_Exercise material_.
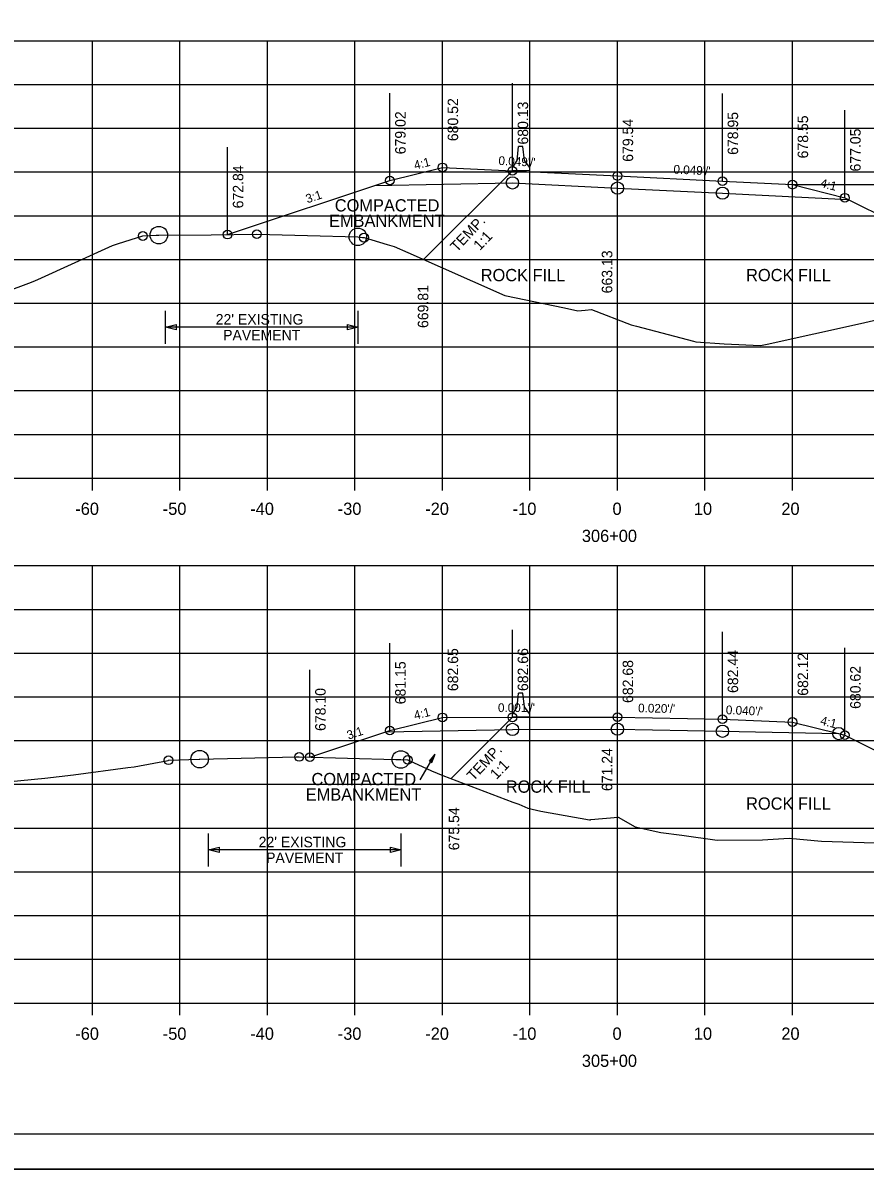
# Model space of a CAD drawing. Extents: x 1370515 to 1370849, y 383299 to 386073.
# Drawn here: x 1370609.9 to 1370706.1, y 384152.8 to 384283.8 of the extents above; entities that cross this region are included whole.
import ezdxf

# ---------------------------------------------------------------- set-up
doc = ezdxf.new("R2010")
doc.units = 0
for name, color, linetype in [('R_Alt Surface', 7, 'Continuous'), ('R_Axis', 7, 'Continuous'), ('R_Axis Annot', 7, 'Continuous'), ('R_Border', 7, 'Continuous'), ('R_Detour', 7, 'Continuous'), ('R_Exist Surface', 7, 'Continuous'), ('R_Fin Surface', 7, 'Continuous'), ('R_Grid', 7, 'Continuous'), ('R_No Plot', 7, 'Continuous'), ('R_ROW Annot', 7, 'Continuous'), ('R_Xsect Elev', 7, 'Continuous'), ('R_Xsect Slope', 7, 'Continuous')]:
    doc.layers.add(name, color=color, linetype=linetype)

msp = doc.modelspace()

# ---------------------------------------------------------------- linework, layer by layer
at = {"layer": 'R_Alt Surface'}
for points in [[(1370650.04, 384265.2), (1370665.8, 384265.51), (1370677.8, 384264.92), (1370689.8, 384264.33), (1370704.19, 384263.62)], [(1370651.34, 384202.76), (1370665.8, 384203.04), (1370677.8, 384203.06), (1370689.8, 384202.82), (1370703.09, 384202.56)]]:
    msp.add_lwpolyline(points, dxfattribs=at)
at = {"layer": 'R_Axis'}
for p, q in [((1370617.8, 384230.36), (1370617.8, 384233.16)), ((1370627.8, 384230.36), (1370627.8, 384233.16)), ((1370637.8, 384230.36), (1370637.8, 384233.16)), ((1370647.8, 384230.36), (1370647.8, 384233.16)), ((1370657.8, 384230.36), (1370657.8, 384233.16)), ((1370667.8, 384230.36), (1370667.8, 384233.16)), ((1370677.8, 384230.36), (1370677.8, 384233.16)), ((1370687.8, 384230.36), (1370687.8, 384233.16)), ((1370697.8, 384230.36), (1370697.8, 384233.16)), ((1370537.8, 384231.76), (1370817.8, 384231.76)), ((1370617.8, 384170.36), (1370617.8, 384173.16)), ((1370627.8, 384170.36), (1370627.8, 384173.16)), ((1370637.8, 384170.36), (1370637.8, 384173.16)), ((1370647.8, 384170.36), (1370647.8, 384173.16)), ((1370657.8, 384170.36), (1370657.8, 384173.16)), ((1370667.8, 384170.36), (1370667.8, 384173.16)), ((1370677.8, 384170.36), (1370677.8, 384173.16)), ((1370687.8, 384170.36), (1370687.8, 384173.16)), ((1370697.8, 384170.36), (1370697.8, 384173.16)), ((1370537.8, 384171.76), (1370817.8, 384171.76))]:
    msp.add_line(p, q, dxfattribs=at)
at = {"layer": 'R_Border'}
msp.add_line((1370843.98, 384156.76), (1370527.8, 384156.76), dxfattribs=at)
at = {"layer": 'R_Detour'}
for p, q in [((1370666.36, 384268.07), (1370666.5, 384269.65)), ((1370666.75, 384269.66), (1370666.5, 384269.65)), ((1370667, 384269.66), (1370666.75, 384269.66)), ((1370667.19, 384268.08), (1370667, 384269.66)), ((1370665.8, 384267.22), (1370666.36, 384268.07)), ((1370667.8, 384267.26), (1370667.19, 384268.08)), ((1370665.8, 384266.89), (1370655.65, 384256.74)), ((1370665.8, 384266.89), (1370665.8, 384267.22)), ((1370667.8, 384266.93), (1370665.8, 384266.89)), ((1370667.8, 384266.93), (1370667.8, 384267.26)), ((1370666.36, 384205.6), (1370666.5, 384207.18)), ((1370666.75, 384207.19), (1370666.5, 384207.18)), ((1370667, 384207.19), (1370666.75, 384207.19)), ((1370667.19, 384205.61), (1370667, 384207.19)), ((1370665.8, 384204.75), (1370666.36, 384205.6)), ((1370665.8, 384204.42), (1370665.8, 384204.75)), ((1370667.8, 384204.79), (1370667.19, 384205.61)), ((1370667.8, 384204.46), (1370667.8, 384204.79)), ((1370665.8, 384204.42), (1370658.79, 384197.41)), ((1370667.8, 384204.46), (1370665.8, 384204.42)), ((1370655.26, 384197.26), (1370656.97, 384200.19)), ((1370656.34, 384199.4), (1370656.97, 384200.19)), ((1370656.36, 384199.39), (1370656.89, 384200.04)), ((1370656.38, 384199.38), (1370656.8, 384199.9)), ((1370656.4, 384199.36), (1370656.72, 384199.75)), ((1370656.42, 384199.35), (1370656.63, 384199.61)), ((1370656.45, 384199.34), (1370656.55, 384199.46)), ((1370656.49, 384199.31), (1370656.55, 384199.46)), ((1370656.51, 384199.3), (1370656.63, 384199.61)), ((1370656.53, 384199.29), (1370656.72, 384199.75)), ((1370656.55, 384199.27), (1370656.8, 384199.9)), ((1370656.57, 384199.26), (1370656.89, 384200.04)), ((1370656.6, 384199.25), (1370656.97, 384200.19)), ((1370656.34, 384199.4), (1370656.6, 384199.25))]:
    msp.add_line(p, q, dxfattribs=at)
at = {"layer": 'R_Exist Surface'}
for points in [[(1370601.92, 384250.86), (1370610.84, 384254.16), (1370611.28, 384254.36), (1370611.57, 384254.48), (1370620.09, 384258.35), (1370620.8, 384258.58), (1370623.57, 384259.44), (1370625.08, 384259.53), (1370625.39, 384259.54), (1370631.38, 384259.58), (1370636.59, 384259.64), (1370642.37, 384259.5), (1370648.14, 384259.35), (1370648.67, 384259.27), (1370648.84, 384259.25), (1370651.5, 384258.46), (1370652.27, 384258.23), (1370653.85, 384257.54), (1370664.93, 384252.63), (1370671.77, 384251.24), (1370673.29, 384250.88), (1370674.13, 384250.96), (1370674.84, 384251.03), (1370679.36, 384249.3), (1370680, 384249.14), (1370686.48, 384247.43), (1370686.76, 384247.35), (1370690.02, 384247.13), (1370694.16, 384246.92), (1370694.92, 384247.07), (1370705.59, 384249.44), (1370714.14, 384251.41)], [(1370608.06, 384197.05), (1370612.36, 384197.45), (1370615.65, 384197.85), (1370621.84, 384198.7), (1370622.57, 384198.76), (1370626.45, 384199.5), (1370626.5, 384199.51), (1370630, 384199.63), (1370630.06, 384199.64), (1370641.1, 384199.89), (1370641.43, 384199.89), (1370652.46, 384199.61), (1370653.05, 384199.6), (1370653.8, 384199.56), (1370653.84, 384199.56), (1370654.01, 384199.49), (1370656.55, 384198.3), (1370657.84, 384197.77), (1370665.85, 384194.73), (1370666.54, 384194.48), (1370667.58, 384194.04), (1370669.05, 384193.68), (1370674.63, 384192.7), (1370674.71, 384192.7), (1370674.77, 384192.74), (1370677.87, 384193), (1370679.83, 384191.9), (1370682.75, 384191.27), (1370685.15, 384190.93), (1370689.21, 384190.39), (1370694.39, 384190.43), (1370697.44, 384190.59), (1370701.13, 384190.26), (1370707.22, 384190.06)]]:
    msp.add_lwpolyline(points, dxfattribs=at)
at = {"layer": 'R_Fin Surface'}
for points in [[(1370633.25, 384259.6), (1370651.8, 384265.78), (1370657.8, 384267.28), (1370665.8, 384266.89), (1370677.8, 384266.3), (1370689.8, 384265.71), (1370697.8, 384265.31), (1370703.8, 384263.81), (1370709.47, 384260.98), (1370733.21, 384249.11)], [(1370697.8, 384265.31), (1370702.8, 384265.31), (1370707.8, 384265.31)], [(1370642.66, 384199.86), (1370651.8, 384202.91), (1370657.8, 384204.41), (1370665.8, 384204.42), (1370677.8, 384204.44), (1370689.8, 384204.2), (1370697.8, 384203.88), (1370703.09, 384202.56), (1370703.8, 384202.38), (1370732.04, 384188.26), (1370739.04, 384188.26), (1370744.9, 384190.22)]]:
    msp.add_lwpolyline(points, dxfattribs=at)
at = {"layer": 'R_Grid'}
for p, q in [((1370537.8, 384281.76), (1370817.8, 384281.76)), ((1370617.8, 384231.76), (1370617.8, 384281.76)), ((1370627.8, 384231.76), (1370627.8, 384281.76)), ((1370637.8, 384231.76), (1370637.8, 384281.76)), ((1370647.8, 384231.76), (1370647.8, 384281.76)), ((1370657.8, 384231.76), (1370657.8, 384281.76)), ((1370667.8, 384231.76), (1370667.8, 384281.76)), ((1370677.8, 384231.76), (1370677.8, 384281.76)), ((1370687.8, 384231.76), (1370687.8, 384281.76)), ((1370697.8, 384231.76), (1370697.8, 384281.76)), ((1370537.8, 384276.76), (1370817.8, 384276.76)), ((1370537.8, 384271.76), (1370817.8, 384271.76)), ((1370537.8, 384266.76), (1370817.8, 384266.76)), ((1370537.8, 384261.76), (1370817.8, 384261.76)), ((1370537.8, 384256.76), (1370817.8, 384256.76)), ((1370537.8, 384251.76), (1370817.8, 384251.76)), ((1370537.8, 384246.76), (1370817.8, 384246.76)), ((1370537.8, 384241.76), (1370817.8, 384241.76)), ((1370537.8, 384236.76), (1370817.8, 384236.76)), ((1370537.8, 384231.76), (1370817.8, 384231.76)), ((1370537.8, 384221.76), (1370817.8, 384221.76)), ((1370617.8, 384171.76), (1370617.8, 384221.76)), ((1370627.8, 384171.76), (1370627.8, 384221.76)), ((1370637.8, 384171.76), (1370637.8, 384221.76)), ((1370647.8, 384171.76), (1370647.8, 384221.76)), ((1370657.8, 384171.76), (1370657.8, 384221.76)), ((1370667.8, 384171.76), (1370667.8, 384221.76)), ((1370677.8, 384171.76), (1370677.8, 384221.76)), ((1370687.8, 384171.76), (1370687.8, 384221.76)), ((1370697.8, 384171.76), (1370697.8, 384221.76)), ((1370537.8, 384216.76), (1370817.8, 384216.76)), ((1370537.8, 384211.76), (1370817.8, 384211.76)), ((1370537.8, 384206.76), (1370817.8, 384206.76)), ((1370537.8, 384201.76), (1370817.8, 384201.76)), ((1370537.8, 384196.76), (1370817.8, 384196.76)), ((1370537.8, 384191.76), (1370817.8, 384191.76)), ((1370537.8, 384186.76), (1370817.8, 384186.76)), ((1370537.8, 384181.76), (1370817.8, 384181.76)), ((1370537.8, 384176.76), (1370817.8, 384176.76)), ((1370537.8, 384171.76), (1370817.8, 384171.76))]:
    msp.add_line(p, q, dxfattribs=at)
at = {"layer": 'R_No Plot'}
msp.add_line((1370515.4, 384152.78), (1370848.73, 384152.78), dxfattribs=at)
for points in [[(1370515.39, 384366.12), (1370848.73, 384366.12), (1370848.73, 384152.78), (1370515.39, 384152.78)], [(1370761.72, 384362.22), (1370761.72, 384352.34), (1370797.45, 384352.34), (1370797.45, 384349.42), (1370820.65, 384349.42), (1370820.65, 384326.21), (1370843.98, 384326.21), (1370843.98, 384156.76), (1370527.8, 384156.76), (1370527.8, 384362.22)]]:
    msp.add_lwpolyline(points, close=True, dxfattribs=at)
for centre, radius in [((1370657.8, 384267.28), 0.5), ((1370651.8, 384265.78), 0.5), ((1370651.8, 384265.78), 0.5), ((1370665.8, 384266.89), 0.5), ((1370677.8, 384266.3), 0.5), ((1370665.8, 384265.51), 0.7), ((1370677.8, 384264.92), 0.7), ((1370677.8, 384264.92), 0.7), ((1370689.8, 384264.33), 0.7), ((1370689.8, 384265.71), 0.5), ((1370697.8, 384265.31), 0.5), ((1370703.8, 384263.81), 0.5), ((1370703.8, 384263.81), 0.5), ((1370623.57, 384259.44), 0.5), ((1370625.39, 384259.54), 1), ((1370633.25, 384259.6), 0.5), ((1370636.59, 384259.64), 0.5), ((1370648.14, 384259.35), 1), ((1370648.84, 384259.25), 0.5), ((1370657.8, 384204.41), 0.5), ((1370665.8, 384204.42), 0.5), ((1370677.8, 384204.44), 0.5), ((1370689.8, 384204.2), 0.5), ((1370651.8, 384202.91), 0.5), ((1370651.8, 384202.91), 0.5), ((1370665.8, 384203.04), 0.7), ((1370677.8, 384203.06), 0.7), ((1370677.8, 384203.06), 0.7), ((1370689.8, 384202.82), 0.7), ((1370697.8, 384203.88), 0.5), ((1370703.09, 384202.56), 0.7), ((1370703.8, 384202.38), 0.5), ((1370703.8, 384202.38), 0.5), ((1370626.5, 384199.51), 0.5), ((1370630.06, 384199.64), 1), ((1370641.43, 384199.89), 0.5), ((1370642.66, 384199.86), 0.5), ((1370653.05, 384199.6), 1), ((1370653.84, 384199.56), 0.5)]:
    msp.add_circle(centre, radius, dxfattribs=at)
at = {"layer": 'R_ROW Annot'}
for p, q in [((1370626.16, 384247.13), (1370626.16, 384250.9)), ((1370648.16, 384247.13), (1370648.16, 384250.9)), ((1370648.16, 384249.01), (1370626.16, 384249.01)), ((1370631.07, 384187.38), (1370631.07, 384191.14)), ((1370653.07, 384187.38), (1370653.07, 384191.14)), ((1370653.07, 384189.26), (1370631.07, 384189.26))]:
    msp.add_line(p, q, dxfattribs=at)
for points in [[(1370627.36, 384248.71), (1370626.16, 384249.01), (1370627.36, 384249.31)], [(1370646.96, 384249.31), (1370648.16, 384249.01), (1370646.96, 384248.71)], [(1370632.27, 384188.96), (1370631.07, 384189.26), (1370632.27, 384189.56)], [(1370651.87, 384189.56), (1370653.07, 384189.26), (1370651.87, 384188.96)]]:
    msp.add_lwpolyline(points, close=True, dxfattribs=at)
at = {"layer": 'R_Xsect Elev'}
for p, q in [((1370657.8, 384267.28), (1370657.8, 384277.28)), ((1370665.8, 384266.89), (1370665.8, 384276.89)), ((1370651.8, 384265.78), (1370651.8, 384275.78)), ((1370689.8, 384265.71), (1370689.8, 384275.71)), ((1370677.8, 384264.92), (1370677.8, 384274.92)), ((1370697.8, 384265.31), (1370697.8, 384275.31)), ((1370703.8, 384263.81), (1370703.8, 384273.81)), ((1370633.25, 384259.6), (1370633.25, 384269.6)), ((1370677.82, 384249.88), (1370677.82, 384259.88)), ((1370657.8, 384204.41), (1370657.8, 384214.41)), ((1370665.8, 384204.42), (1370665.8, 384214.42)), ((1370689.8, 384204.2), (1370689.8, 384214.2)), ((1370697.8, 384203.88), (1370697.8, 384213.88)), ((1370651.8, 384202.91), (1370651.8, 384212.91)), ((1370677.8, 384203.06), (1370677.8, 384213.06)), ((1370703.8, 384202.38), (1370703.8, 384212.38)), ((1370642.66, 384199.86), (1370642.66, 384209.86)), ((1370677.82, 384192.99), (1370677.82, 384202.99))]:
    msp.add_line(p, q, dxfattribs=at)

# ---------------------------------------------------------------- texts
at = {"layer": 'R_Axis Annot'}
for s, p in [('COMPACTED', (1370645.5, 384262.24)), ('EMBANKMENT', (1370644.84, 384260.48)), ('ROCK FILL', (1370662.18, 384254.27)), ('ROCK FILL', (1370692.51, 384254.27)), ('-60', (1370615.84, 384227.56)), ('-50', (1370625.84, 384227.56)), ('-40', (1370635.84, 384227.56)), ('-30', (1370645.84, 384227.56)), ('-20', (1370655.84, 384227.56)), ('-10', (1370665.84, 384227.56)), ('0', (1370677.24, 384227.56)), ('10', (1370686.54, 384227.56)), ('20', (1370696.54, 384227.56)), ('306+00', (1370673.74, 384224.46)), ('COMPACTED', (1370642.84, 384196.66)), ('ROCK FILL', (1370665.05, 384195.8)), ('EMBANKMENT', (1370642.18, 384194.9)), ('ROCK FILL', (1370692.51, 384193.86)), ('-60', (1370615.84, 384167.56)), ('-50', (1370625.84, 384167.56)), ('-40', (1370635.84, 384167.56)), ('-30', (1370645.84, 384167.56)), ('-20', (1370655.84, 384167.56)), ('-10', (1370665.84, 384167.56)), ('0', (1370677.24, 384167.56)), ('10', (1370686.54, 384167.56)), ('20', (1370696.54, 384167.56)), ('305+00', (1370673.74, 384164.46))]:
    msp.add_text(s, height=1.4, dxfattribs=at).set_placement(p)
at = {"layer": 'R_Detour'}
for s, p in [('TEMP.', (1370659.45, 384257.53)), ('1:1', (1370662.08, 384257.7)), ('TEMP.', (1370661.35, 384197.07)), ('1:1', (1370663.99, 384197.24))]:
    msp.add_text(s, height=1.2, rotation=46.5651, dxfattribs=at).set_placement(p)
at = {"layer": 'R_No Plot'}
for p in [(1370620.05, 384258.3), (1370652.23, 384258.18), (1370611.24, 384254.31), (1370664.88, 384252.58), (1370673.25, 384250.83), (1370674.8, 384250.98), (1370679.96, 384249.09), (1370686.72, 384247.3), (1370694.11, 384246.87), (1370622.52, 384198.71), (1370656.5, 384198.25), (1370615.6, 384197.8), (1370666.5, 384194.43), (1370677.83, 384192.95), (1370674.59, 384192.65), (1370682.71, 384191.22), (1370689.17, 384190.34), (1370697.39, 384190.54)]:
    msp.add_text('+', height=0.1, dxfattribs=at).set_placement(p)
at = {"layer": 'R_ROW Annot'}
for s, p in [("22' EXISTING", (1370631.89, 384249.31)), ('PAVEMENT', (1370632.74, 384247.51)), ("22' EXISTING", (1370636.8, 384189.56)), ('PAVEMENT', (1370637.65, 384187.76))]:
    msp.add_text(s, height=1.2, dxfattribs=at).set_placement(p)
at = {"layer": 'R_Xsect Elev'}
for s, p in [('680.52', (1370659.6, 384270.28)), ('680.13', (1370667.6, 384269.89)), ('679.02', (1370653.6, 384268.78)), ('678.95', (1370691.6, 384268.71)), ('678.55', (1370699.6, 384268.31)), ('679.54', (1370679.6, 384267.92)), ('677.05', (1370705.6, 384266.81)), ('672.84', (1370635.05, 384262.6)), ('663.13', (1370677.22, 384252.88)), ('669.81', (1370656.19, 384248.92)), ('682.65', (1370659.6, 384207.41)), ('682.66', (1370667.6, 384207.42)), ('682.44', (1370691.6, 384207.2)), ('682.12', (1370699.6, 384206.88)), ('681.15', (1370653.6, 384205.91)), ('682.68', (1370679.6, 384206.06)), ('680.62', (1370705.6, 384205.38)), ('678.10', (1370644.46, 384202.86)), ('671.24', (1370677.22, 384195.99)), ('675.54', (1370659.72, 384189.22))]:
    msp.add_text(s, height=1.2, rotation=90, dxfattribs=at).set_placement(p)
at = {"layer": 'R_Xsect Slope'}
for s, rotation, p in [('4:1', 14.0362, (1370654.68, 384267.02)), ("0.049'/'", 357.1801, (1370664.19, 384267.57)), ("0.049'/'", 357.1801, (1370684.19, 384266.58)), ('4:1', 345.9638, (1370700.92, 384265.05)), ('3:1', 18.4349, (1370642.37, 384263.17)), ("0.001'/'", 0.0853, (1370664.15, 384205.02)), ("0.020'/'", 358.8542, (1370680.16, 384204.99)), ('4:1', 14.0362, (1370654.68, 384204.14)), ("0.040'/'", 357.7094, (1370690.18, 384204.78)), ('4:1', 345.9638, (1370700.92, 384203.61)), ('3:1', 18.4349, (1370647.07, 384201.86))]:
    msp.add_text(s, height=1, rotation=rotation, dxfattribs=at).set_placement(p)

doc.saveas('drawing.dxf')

_Instructions for the task_. A word-for-word copy is needed, starting at the first line of the listing and ending with the line bearing "doc.units = 0". No pictures.

_Expected answer_.
# Model space of a CAD drawing. Extents: x 1370515 to 1370849, y 383299 to 386073.
# Drawn here: x 1370609.9 to 1370706.1, y 384152.8 to 384283.8 of the extents above; entities that cross this region are included whole.
import ezdxf

# ---------------------------------------------------------------- set-up
doc = ezdxf.new("R2010")
doc.units = 0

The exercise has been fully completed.